Encoding Detection Revised

Thursday, 26 August 2010 | Dominik Haumann

In recent KDE releases up to version 4.4 Kate unfortunately very often selected the wrong encoding. The result is that e.g. german umlauts (öäü) show up as cryptic signs in the text editor. What I’ve seen lots of times is that in this case people start to fix those characters manually for the entire document. In other words: They totally do not get at all that the text document simply was opened with the wrong encoding. In fact, the users usually do not even know what encoding is at all. While this is of course kind of sad, this certainly won’t change…

Given this fact, the only correct “fix” is a very good automatic encoding detection, such that the encoding is usually chosen correctly. In the rewrite of Kate’s text buffer for KDE 4.5, Christoph also rewrote the file loader including the encoding detection. The detection now works as follows:

try selected encoding by the user (through the open-file-dialog or the console)
try encoding detection (some intelligent trial & error method)
use fallback encoding

In step 1, Kate tries to use the encoding specified in the open-file-dialog or the one given when launching Kate from the console. On success, we are done.

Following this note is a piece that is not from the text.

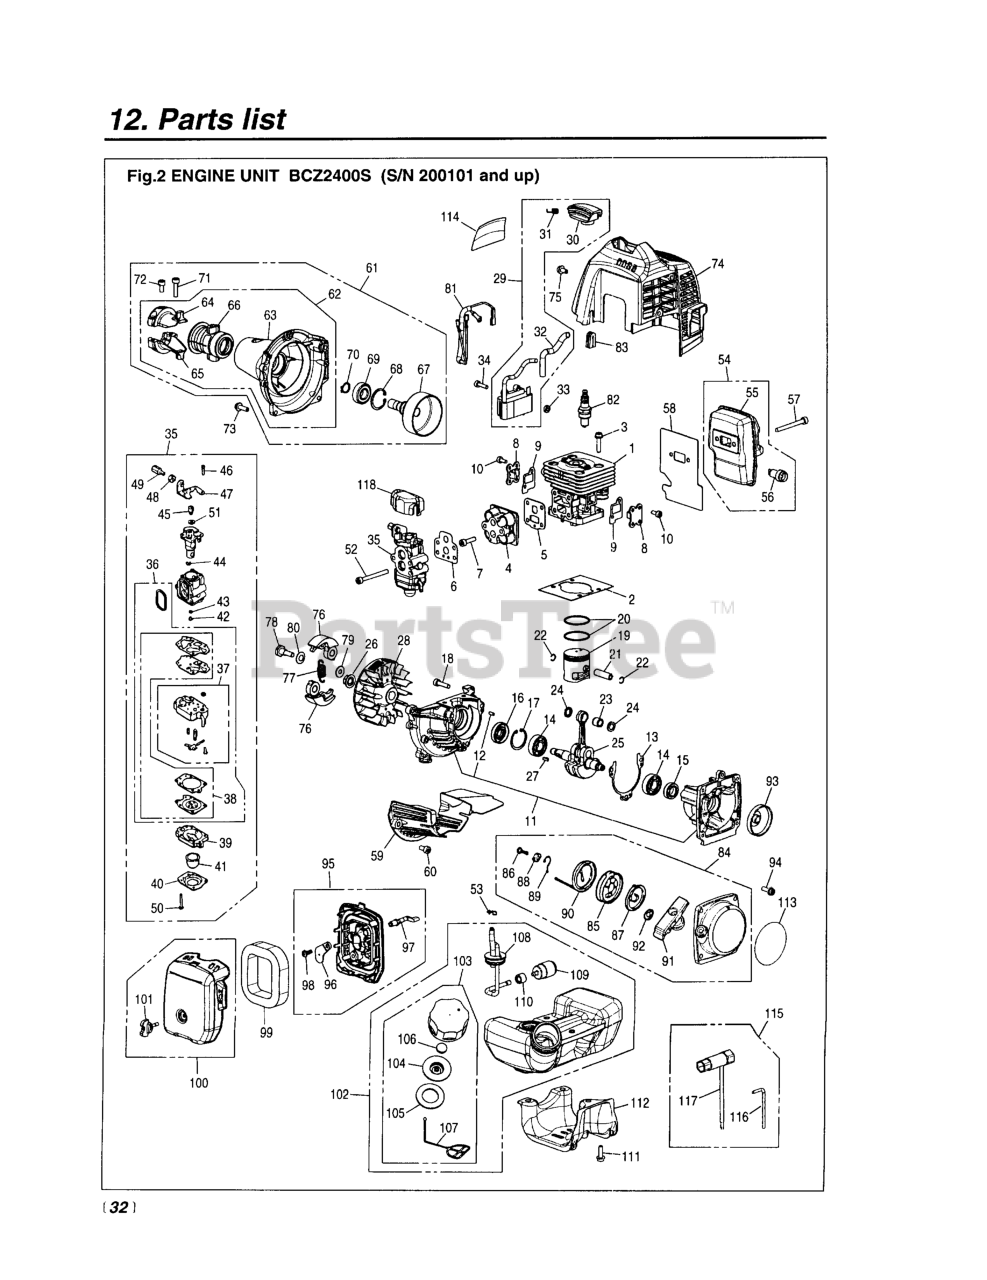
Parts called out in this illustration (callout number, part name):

The encoding detection in step 2 first tries unicode encoding by looking for a Byte Order Mark (BOM). If found, it is certain that the text document is unicode encoded. If there is no BOM, Kate next uses a tool from KDElibs (KEncodingProber) to detect the correct encoding. This is basically trial & error: Try encoding A, if there are characters in the document the encoding is not able to represent, try encoding B. Then C and so on… Unfortunately, this also doesn’t always work, because a byte sequence might be valid in several encodings and represent different characters. This is why it’s more or less impossible to get the encoding always right. There is simply no way…

If the encoding detection fails, Kate uses a fallback encoding. You can configure this fallback encoding in the editor component settings in the “Open/Save” category. If the fallback encoding fails as well, the document is marked as read-only and a warning is shown.

What about Kile and KDevelop?

One of the applications that heavily suffered of the wrong encoding detection in the past was the LaTeX editor Kile. The same holds probably for KDevelop (although it’s usually less critical with source code). The good news is, that with KDE >= 4.5 the problems with respect to wrong encoding should be gone. So it’s certainly worth to update if you are affected by this issue.